Exercise details: Find the word "lines" in the listing below. Copy every line that has it.

........

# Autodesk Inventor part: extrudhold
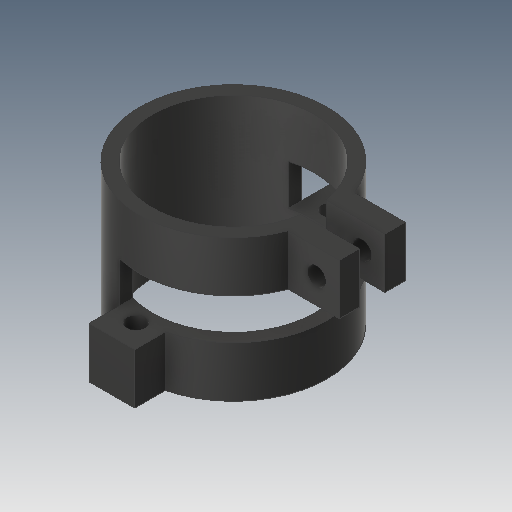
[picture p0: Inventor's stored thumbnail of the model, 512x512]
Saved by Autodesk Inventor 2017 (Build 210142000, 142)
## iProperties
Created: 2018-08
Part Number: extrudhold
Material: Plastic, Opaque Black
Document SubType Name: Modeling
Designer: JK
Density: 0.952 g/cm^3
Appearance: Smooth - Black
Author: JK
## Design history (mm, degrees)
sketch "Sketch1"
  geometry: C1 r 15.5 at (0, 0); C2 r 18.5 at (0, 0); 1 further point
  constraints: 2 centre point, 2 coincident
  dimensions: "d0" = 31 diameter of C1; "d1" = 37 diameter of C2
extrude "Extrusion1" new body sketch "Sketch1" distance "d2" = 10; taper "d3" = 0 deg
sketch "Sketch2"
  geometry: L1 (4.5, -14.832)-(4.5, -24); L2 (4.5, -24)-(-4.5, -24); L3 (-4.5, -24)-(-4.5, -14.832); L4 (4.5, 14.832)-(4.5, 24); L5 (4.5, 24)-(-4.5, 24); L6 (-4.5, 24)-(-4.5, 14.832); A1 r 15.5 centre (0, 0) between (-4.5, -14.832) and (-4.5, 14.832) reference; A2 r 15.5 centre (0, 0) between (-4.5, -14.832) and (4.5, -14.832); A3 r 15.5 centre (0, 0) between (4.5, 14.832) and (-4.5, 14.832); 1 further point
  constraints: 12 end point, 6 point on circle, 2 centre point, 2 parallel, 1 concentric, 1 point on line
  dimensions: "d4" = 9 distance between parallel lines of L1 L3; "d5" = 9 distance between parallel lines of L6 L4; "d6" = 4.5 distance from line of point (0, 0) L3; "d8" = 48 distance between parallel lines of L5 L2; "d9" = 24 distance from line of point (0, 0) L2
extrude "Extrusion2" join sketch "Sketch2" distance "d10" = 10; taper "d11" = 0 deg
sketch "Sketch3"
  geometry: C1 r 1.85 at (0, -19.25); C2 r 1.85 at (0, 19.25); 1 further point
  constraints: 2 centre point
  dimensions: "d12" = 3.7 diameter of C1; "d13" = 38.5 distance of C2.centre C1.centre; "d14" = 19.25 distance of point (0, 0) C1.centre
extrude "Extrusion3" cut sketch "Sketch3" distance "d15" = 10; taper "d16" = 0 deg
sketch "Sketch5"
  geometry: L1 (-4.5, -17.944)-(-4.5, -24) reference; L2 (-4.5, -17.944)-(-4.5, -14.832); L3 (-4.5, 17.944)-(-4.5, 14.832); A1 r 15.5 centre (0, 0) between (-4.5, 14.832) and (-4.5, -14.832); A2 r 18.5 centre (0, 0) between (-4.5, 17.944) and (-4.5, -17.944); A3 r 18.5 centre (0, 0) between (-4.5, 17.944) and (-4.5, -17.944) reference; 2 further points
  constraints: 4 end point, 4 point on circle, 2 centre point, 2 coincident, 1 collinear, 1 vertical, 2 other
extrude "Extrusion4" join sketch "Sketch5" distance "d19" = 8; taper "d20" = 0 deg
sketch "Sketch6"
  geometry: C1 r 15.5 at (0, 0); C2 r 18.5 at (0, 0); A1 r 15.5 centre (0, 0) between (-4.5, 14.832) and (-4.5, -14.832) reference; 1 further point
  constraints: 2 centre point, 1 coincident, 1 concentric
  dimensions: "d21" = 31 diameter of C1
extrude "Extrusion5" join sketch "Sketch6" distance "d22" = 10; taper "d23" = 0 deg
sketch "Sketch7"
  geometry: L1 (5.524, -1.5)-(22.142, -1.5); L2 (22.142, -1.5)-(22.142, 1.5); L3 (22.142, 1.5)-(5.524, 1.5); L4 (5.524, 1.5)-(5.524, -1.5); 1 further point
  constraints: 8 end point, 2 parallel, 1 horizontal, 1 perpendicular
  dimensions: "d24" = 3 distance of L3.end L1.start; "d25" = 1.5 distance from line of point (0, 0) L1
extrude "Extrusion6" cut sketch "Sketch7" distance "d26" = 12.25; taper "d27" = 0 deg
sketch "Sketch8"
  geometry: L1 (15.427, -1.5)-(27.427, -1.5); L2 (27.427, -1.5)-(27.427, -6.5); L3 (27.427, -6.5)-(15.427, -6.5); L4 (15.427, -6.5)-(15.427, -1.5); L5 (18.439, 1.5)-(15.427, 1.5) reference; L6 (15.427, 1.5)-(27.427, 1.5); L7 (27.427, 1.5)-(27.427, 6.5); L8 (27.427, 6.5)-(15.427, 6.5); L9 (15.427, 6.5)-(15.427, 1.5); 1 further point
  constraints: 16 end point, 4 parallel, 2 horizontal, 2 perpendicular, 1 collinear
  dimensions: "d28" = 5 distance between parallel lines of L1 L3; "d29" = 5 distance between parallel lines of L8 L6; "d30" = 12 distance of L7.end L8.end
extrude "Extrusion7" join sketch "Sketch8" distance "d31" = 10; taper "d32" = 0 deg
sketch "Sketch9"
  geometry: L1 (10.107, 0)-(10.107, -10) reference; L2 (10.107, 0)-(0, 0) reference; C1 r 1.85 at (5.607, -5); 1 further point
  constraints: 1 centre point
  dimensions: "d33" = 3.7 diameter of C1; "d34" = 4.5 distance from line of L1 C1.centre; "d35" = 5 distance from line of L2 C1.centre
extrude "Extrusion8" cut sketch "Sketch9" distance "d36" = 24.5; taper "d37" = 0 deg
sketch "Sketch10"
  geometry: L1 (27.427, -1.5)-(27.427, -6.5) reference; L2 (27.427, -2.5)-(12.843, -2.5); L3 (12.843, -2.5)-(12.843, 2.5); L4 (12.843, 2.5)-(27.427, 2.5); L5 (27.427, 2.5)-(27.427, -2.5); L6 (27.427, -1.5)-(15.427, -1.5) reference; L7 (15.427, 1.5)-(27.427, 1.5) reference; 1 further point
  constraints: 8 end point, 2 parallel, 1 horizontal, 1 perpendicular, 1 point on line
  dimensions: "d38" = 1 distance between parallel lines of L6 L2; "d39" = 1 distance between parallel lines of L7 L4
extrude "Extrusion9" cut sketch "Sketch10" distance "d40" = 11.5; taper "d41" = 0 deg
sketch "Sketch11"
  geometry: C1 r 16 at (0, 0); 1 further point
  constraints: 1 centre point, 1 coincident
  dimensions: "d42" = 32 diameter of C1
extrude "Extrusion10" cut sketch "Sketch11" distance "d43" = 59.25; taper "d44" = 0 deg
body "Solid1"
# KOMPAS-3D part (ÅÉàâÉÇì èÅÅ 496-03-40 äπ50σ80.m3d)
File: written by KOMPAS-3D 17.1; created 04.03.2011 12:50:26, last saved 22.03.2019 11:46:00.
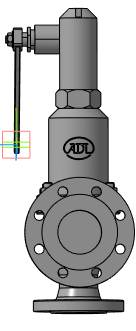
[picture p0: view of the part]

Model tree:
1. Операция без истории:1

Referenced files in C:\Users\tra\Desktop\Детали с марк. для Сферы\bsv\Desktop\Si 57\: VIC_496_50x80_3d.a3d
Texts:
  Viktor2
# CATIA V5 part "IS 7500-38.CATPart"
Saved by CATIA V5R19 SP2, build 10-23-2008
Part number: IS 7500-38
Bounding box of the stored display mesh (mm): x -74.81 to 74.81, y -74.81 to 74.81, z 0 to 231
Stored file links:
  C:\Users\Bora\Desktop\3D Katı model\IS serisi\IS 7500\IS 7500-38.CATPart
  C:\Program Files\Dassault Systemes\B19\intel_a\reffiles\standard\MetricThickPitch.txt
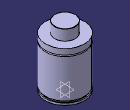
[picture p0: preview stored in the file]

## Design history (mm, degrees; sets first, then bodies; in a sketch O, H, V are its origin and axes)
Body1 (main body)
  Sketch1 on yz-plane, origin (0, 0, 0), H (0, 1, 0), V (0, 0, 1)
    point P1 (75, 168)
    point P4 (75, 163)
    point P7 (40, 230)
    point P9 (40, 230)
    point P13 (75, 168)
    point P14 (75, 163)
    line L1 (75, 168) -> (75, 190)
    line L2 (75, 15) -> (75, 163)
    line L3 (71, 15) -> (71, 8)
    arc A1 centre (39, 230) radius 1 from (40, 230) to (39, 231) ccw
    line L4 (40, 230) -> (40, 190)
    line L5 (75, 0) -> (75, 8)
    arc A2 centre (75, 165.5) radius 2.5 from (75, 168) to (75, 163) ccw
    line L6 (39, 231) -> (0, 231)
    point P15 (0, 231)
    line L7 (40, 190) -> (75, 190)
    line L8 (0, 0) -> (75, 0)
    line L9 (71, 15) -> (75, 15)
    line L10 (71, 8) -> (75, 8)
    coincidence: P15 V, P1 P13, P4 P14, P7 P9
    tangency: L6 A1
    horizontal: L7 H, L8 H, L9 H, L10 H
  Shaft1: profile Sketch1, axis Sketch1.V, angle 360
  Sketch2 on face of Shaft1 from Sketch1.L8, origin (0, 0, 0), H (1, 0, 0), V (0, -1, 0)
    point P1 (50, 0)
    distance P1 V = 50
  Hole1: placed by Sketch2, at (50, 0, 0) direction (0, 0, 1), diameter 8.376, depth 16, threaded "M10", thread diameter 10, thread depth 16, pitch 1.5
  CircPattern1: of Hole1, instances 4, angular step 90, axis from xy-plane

........

Answer to this task:
  dimensions: "d4" = 9 distance between parallel lines of L1 L3; "d5" = 9 distance between parallel lines of L6 L4; "d6" = 4.5 distance from line of point (0, 0) L3; "d8" = 48 distance between parallel lines of L5 L2; "d9" = 24 distance from line of point (0, 0) L2
  dimensions: "d28" = 5 distance between parallel lines of L1 L3; "d29" = 5 distance between parallel lines of L8 L6; "d30" = 12 distance of L7.end L8.end
  dimensions: "d38" = 1 distance between parallel lines of L6 L2; "d39" = 1 distance between parallel lines of L7 L4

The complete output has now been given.